### WHAT THE TASK ASKS
Filter the entries for the word "circle". Copy each line that has it.

BEGIN EXERCISE DATA

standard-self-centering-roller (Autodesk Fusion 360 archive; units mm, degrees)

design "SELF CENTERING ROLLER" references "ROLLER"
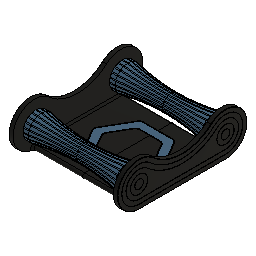
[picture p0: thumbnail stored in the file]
sketch "Sketch1" plane through (0, 0, 0) normal (1, 0, 0) x axis (0, 1, 0)
  line L1 (50, 4) -> (-50, 4)
  line L2 (50, -4) -> (50, 4)
  line L3 (-50, -4) -> (50, -4)
  line L4 (-50, 4) -> (-50, -4)
  line L5 (50, -4) -> (-50, 4)
  line L6 (-50, -4) -> (50, 4)
  line L7 (-78.8675, 0) -> (-64.4338, 25)
  line L8 (-64.4338, -25) -> (-78.8675, 0)
  line L9 (-35.5662, -25) -> (-64.4338, -25)
  line L10 (-21.1325, 0) -> (-35.5662, -25)
  line L11 (-35.5662, 25) -> (-21.1325, 0)
  line L12 (-64.4338, 25) -> (-35.5662, 25)
  line L13 (21.1325, 0) -> (35.5662, 25)
  line L14 (35.5662, -25) -> (21.1325, 0)
  line L15 (64.4338, -25) -> (35.5662, -25)
  line L16 (78.8675, 0) -> (64.4338, -25)
  line L17 (64.4338, 25) -> (78.8675, 0)
  line L18 (35.5662, 25) -> (64.4338, 25)
  line L19 (-35.5662, -25) -> (35.5662, -25)
  line L20 (21.1325, 0) -> (-21.1325, 0)
  line L21 (-61.547, -20) -> (-64.4338, -25)
  line L22 (61.547, -20) -> (-61.547, -20)
  line L23 (64.4338, -25) -> (61.547, -20)
  line L24 (-67.3205, -20) -> (67.3205, -20)
  line L25 (50, 0) -> (-50, 0)
  line L26 (0, -25) -> (0, 0)
  line L27 (0, -25) -> (0, -20)
  line L28 (-50, -20) -> (50, -20)
  line L29 (50, -25) -> (-50, -25)
  line L30 (50, -22.5) -> (50, 0)
  circle C1 centre (-50, 0) radius 4
  circle C2 centre (50, 0) radius 4
  circle C3 centre (50, 0) radius 5
  circle C4 centre (-50, 0) radius 5
  circle C5 centre (-50, 0) radius 25
  circle C6 centre (50, 0) radius 25
  arc A1 centre (-50, -22.5) radius 2.5 clockwise from (-50, -25) to (-50, -20)
  arc A2 centre (50, -22.5) radius 2.5 clockwise from (50, -20) to (50, -25)
  point P6 (0, 0)
  point P1 (0, 0)
  point P7 (-50, 0)
  point P8 (50, 0)
  point P15 (-50, 0)
  point P22 (50, 0)
  point P27 (67.3205, -20)
  point P28 (-67.3205, -20)
  point P29 (-50, 0)
  point P31 (-50, 0)
  point P32 (50, 0)
  point P33 (0, 0)
  point P34 (0, -25)
  point P35 (0, -20)
  point P42 (0, -22.5)
  point P30 (50, 0)
  point P43 (50, 0)
  point P40 (50, -22.5)
  point P44 (50, -22.5)
  point P41 (-50, -22.5)
  point P4 (50, -4)
  point P5 (-50, -4)
  horizontal L1
  perpendicular L1 L2
  parallel L1 L3
  parallel L2 L4
  coincident L5 P6
  coincident L6 P6
  coincident P1 P6
  midpoint L4 P7
  midpoint L2 P8
  tangent L1 C1
  coincident P7 P15
  coincident P8 P22
  horizontal L12
  horizontal L18
  parallel L15 L22
  parallel L17 L23
  parallel L7 L21
  coincident L16 P27
  coincident L8 P28
  parallel L22 L24
  collinear L22 L24
  concentric C1 C5
  tangent L9 C5
  concentric C2 C6
  tangent L15 C6
  coincident P29 P31
  coincident P22 P32
  coincident P6 P33
  midpoint L19 P34
  midpoint L24 P35
  tangent L28 A1
  tangent A1 L29
  parallel L28 L29
  tangent L29 A2
  tangent L28 A2
  midpoint L27 P42
  coincident P30 P43
  coincident P40 P44
  vertical L30
  collinear L22 L28
  collinear L19 L29
  vertical P29 P41
  dimension "d1" diameter C1 = 8 (= "d2")
  dimension "d2" diameter C2 = 8
  dimension "d3" distance P4 P5 = 100
  dimension "d4" distance L9 L12 = 50
  dimension "d5" distance L15 L18 = 50 (= "d4")
  dimension "d6" distance L19 L22 = 5
  dimension "d13" = 1
  dimension "d14" = 1
extrude "Extrude1" new body sketch "MirrorComponent2" profile of L9 L10 L14 L15 L19 L22 L24 C5 C6 L27 L28 A1 L29 A2 against normal blind 58
extrude "Extrude2" add sketch "MirrorComponent2" profile of L1 L2 L3 L4 C1 C2 L9 L10 L14 L15 L19 L20 L21 L22 L23 C3 C4 L24 C5 C6 L25 L27 L28 A1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 along normal blind 5
fillet "Fillet3" radius 50
extrude "Extrude3" add sketch "MirrorComponent2" profile of L2 L4 C1 C2 against normal blind 6
chamfer "Chamfer1" distance 0.6
sketch "Sketch2" plane through (5, 0, 0) normal (1, 0, 0) x axis (0, 1, 0)
  line L1 (63.8564, -25) -> (-63.8564, -25)
  line L2 (78.5788, -0.5) -> (64.7224, -24.5)
  line L3 (64.7224, 24.5) -> (78.5788, 0.5)
  line L4 (36.1436, 25) -> (63.8564, 25)
  line L5 (21.4212, 0.5) -> (35.2776, 24.5)
  line L6 (-20.5551, 0) -> (20.5551, 0)
  line L7 (-35.2776, 24.5) -> (-21.4212, 0.5)
  line L8 (-63.8564, 25) -> (-36.1436, 25)
  line L9 (-78.5788, 0.5) -> (-64.7224, 24.5)
  line L10 (-64.7224, -24.5) -> (-78.5788, -0.5)
  line L11 (-75.8653, 0) -> (-62.9326, 22.4)
  line L12 (-62.9326, -22.4) -> (-75.8653, 0)
  line L13 (-35.5662, -22.4) -> (-62.9326, -22.4)
  line L14 (62.9326, -22.4) -> (-35.5662, -22.4)
  line L15 (75.8653, 0) -> (62.9326, -22.4)
  line L16 (62.9326, 22.4) -> (75.8653, 0)
  line L17 (37.0674, 22.4) -> (62.9326, 22.4)
  line L18 (23.6728, -0.8) -> (37.0674, 22.4)
  line L19 (-20.5551, -2.6) -> (20.5551, -2.6)
  line L20 (-37.0674, 22.4) -> (-23.6728, -0.8)
  line L21 (-62.9326, 22.4) -> (-37.0674, 22.4)
  line L22 (-73.5559, 0) -> (-61.7779, 20.4)
  line L23 (-61.7779, -20.4) -> (-73.5559, 0)
  line L24 (-35.5662, -20.4) -> (-61.7779, -20.4)
  line L25 (61.7779, -20.4) -> (-35.5662, -20.4)
  line L26 (73.5559, 0) -> (61.7779, -20.4)
  line L27 (61.7779, 20.4) -> (73.5559, 0)
  line L28 (38.2221, 20.4) -> (61.7779, 20.4)
  line L29 (25.4049, -1.8) -> (38.2221, 20.4)
  line L30 (-20.5551, -4.6) -> (20.5551, -4.6)
  line L31 (-38.2221, 20.4) -> (-25.4049, -1.8)
  line L32 (-61.7779, 20.4) -> (-38.2221, 20.4)
  line L33 (50, -25) -> (-50, -25)
  arc A1 centre (-63.8564, -24) radius 1 clockwise from (-63.8564, -25) to (-64.7224, -24.5)
  arc A2 centre (63.8564, -24) radius 1 clockwise from (64.7224, -24.5) to (63.8564, -25)
  arc A3 centre (77.7128, 0) radius 1 clockwise from (78.5788, 0.5) to (78.5788, -0.5)
  arc A4 centre (63.8564, 24) radius 1 clockwise from (63.8564, 25) to (64.7224, 24.5)
  arc A5 centre (36.1436, 24) radius 1 clockwise from (35.2776, 24.5) to (36.1436, 25)
  arc A6 centre (20.5551, 1) radius 1 clockwise from (21.4212, 0.5) to (20.5551, 0)
  arc A7 centre (-20.5551, 1) radius 1 clockwise from (-20.5551, 0) to (-21.4212, 0.5)
  arc A8 centre (-36.1436, 24) radius 1 clockwise from (-36.1436, 25) to (-35.2776, 24.5)
  arc A9 centre (-63.8564, 24) radius 1 clockwise from (-64.7224, 24.5) to (-63.8564, 25)
  arc A10 centre (-77.7128, 0) radius 1 clockwise from (-78.5788, -0.5) to (-78.5788, 0.5)
  arc A11 centre (20.5551, 1) radius 3.6 clockwise from (23.6728, -0.8) to (20.5551, -2.6)
  arc A12 centre (-20.5551, 1) radius 3.6 clockwise from (-20.5551, -2.6) to (-23.6728, -0.8)
  arc A13 centre (20.5551, 1) radius 5.6 clockwise from (25.4049, -1.8) to (20.5551, -4.6)
  arc A14 centre (-20.5551, 1) radius 5.6 clockwise from (-20.5551, -4.6) to (-25.4049, -1.8)
  arc A15 centre (50, 0) radius 25 clockwise from (33.3333, 18.6339) to (50, -25)
  arc A16 centre (-50, 0) radius 25 clockwise from (-50, -25) to (-33.3333, 18.6339)
  arc A17 centre (0, 55.9017) radius 50 clockwise from (33.3333, 18.6339) to (-33.3333, 18.6339)
  concentric A6 A11
  concentric A7 A12
  tangent A12 L20
  tangent L18 A11
  tangent A11 L19
  tangent L19 A12
  concentric A6 A13
  concentric A7 A14
  tangent A14 L31
  tangent A13 L30
  tangent L29 A13
  tangent L30 A14
sketch "Sketch3" plane through (0, 0, -20) normal (0, 0, 1) x axis (-1, 0, 0)
  line L1 (58, 50) -> (58, -50)
  line L2 (98.4145, 0) -> (78.2073, -35)
  line L3 (78.2073, 35) -> (98.4145, 0)
  line L4 (37.7927, 35) -> (78.2073, 35)
  line L5 (17.5855, 0) -> (37.7927, 35)
  line L6 (37.7927, -35) -> (17.5855, 0)
  line L7 (78.2073, -35) -> (37.7927, -35)
  line L8 (72.4338, 25) -> (86.8675, 0)
  line L9 (43.5662, 25) -> (72.4338, 25)
  line L10 (29.1325, 0) -> (43.5662, 25)
  line L11 (43.5662, -25) -> (29.1325, 0)
  line L12 (72.4338, -25) -> (43.5662, -25)
  line L13 (86.8675, 0) -> (72.4338, -25)
  line L14 (58, -50) -> (0, -50)
  line L15 (0, 50) -> (58, 50)
  line L16 (0, -50) -> (0, 50)
  point P12 (58, 0)
  midpoint L1 P12
  horizontal L7
  dimension "d23" distance L4 L7 = 70
  dimension "d24" = -10
extrude "Extrude5" cut sketch "Sketch3" profile of L1 L4 L5 L6 L7 L12 L10 L9 L11 against normal blind 2
fillet "Fillet2" radius 5
extrude "Extrude6" add sketch "MirrorComponent2" profile of L1 L3 C1 C2 C3 C4 against normal blind 1.4
chamfer "Chamfer3" distance 1.4
sketch "Sketch4" plane through (5, 0, 0) normal (1, 0, 0) x axis (0, 1, 0)
  line L1 (50, -25) -> (-50, -25)
  line L2 (50, -20) -> (-50, -20)
  line L3 (50, -15) -> (-50, -15)
  arc A1 centre (-50, 0) radius 25 clockwise from (-50, -25) to (-33.3333, 18.6339)
  arc A2 centre (50, 0) radius 25 clockwise from (33.3333, 18.6339) to (50, -25)
  arc A3 centre (0, 55.9017) radius 50 clockwise from (33.3333, 18.6339) to (-33.3333, 18.6339)
  arc A4 centre (50, 0) radius 20 clockwise from (36.6667, 14.9071) to (50, -20)
  arc A5 centre (0, 55.9017) radius 55 clockwise from (36.6667, 14.9071) to (-36.6667, 14.9071)
  arc A6 centre (-50, 0) radius 20 clockwise from (-50, -20) to (-36.6667, 14.9071)
  arc A7 centre (50, 0) radius 15 clockwise from (40, 11.1803) to (50, -15)
  arc A8 centre (0, 55.9017) radius 60 clockwise from (40, 11.1803) to (-40, 11.1803)
  arc A9 centre (-50, 0) radius 15 clockwise from (-50, -15) to (-40, 11.1803)
  circle C1 centre (-50, 0) radius 10
  circle C2 centre (50, 0) radius 10
  circle C3 centre (-50, 0) radius 5
  circle C4 centre (50, 0) radius 5
  concentric A1 C1
  concentric A2 C2
  concentric C1 C3
  concentric C2 C4
  dimension "d64" = 5
  dimension "d67" = -10
  dimension "d69" distance A9 C1 = 5
  dimension "d70" distance A7 C2 = 5
  dimension "d71" distance C2 C4 = 5
  dimension "d72" distance C1 C3 = 5
extrude "Extrude10" cut sketch "Sketch4" profile of L2 A6 A5 A4 L3 A9 A8 A7 C1 C2 C3 C4 against normal blind 0.4
chamfer "Chamfer6" distance 0.4
mirror "Mirror1" mirrorStitchTolerance 0.1
component_insert "Component Insert"
joint "Assemble3" alignAngle 0 alignOffsetX 0 alignOffsetY 0 alignOffsetZ -52
mirror_component "MirrorComponent1"
derived_instance "DerivedInstance1"
derived_instance "DerivedInstance1"
sketch "Sketch1" plane through (0, 0, -22) normal (0, 0, 1) x axis (-1, 0, 0)
  line L1 (75.3205, -35) -> (40.6795, -35)
  line L2 (46.453, -25) -> (69.547, -25)
  line L3 (30.5759, -2.5) -> (42.1229, -22.5)
  line L4 (42.1229, 22.5) -> (30.5759, 2.5)
  line L5 (69.547, 25) -> (46.453, 25)
  line L6 (40.6795, 35) -> (75.3205, 35)
  line L7 (19.0289, 2.5) -> (36.3494, 32.5)
  line L8 (36.3494, -32.5) -> (19.0289, -2.5)
  line L9 (96.9711, -2.5) -> (79.6506, -32.5)
  line L10 (79.6506, 32.5) -> (96.9711, 2.5)
  line L11 (85.4241, 2.5) -> (73.8771, 22.5)
  line L12 (73.8771, -22.5) -> (85.4241, -2.5)
  line L13 (40.6795, 35) -> (75.3205, 35)
  line L14 (19.0289, 2.5) -> (36.3494, 32.5)
  line L15 (36.3494, -32.5) -> (19.0289, -2.5)
  line L16 (75.3205, -35) -> (40.6795, -35)
  line L17 (96.9711, -2.5) -> (79.6506, -32.5)
  line L18 (79.6506, 32.5) -> (96.9711, 2.5)
  line L19 (69.547, 25) -> (46.453, 25)
  line L20 (85.4241, 2.5) -> (73.8771, 22.5)
  line L21 (73.8771, -22.5) -> (85.4241, -2.5)
  line L22 (46.453, -25) -> (69.547, -25)
  line L23 (30.5759, -2.5) -> (42.1229, -22.5)
  line L24 (42.1229, 22.5) -> (30.5759, 2.5)
  line L25 (19.2021, 2.4) -> (36.5226, 32.4)
  line L26 (36.5226, -32.4) -> (19.2021, -2.4)
  line L27 (75.3205, -34.8) -> (40.6795, -34.8)
  line L28 (96.7979, -2.4) -> (79.4774, -32.4)
  line L29 (79.4774, 32.4) -> (96.7979, 2.4)
  line L30 (40.6795, 34.8) -> (75.3205, 34.8)
  line L31 (69.547, 25.2) -> (46.453, 25.2)
  line L32 (41.9497, 22.6) -> (30.4027, 2.6)
  line L33 (30.4027, -2.6) -> (41.9497, -22.6)
  line L34 (46.453, -25.2) -> (69.547, -25.2)
  line L35 (74.0503, -22.6) -> (85.5973, -2.6)
  line L36 (85.5973, 2.6) -> (74.0503, 22.6)
  line L37 (92.641, 0) -> (75.3205, -30)
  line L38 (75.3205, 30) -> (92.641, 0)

END EXERCISE DATA

### THE COMPLETED TASK
  circle C1 centre (-50, 0) radius 4
  circle C2 centre (50, 0) radius 4
  circle C3 centre (50, 0) radius 5
  circle C4 centre (-50, 0) radius 5
  circle C5 centre (-50, 0) radius 25
  circle C6 centre (50, 0) radius 25
  circle C1 centre (-50, 0) radius 10
  circle C2 centre (50, 0) radius 10
  circle C3 centre (-50, 0) radius 5
  circle C4 centre (50, 0) radius 5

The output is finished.